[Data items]
--- START ---
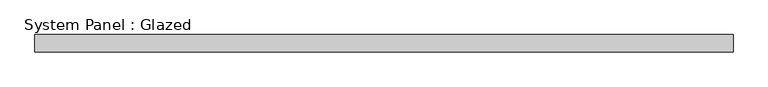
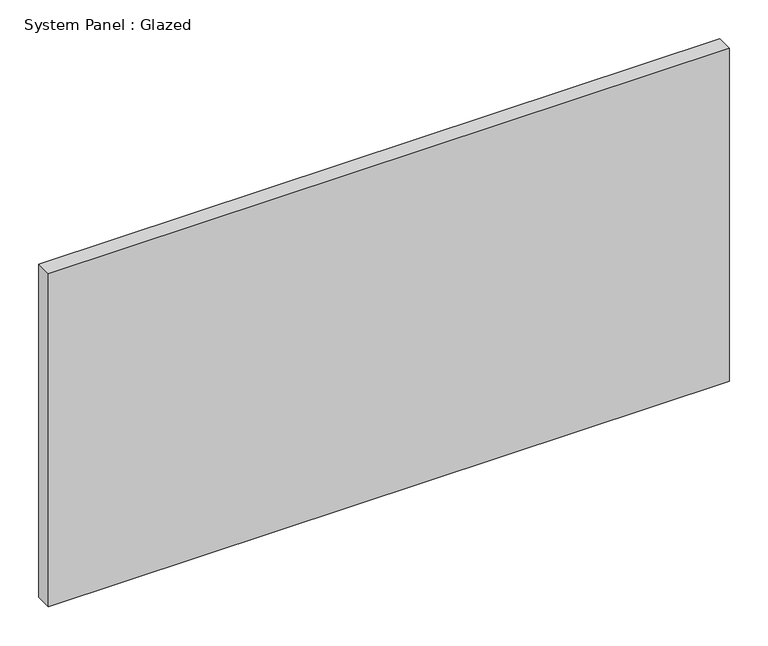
"""IFC4 building model written with IfcOpenShell, lengths in millimetres: plate geometry, System Panel : Glazed."""

from ifc_helpers import new_model, si_unit, origin, origin_with_axes, place, context, project, spatial, polyline, outline, extrude, source, transform, mapped, element, save


def system_panel_glazed_8358c7e7(model_context):
    return source(origin(), model_context, "Body", "SweptSolid", [
        extrude(outline(polyline([(507.5, -12.5), (-507.5, -12.5), (-507.5, 12.5), (507.5, 12.5), (507.5, -12.5)])), origin_with_axes(), (0.0, 0.0, 1.0), 525.0),
    ])


if __name__ == "__main__":
    model = new_model("IFC4")
    model_context = context("Model", 3, world=origin())
    ifc_project = project(units=[si_unit("LENGTHUNIT", "METRE", prefix="MILLI")], contexts=[model_context])
    site = spatial("IfcSite", under=ifc_project)
    building = spatial("IfcBuilding", under=site)
    placement = place(None, origin())
    system_panel_glazed_shape = system_panel_glazed_8358c7e7(model_context)
    element("IfcPlate", 1, ObjectType="System Panel : Glazed", at=placement, inside=building, context=model_context, shape_type="MappedRepresentation", body=[
        mapped(system_panel_glazed_shape, transform((0.0, 0.0, 0.0), x_axis=(1.0, 0.0, 0.0), y_axis=(0.0, 1.0, 0.0), z_axis=(0.0, 0.0, 1.0))),
    ])
    save(model, "model.ifc")
--- END ---
## Assignment
The output is the records exactly as they read, with no pictures in it.

## Exercise solution
"""IFC4 building model written with IfcOpenShell, lengths in millimetres: plate geometry, System Panel : Glazed."""

from ifc_helpers import new_model, si_unit, origin, origin_with_axes, place, context, project, spatial, polyline, outline, extrude, source, transform, mapped, element, save


def system_panel_glazed_8358c7e7(model_context):
    return source(origin(), model_context, "Body", "SweptSolid", [
        extrude(outline(polyline([(507.5, -12.5), (-507.5, -12.5), (-507.5, 12.5), (507.5, 12.5), (507.5, -12.5)])), origin_with_axes(), (0.0, 0.0, 1.0), 525.0),
    ])


if __name__ == "__main__":
    model = new_model("IFC4")
    model_context = context("Model", 3, world=origin())
    ifc_project = project(units=[si_unit("LENGTHUNIT", "METRE", prefix="MILLI")], contexts=[model_context])
    site = spatial("IfcSite", under=ifc_project)
    building = spatial("IfcBuilding", under=site)
    placement = place(None, origin())
    system_panel_glazed_shape = system_panel_glazed_8358c7e7(model_context)
    element("IfcPlate", 1, ObjectType="System Panel : Glazed", at=placement, inside=building, context=model_context, shape_type="MappedRepresentation", body=[
        mapped(system_panel_glazed_shape, transform((0.0, 0.0, 0.0), x_axis=(1.0, 0.0, 0.0), y_axis=(0.0, 1.0, 0.0), z_axis=(0.0, 0.0, 1.0))),
    ])
    save(model, "model.ifc")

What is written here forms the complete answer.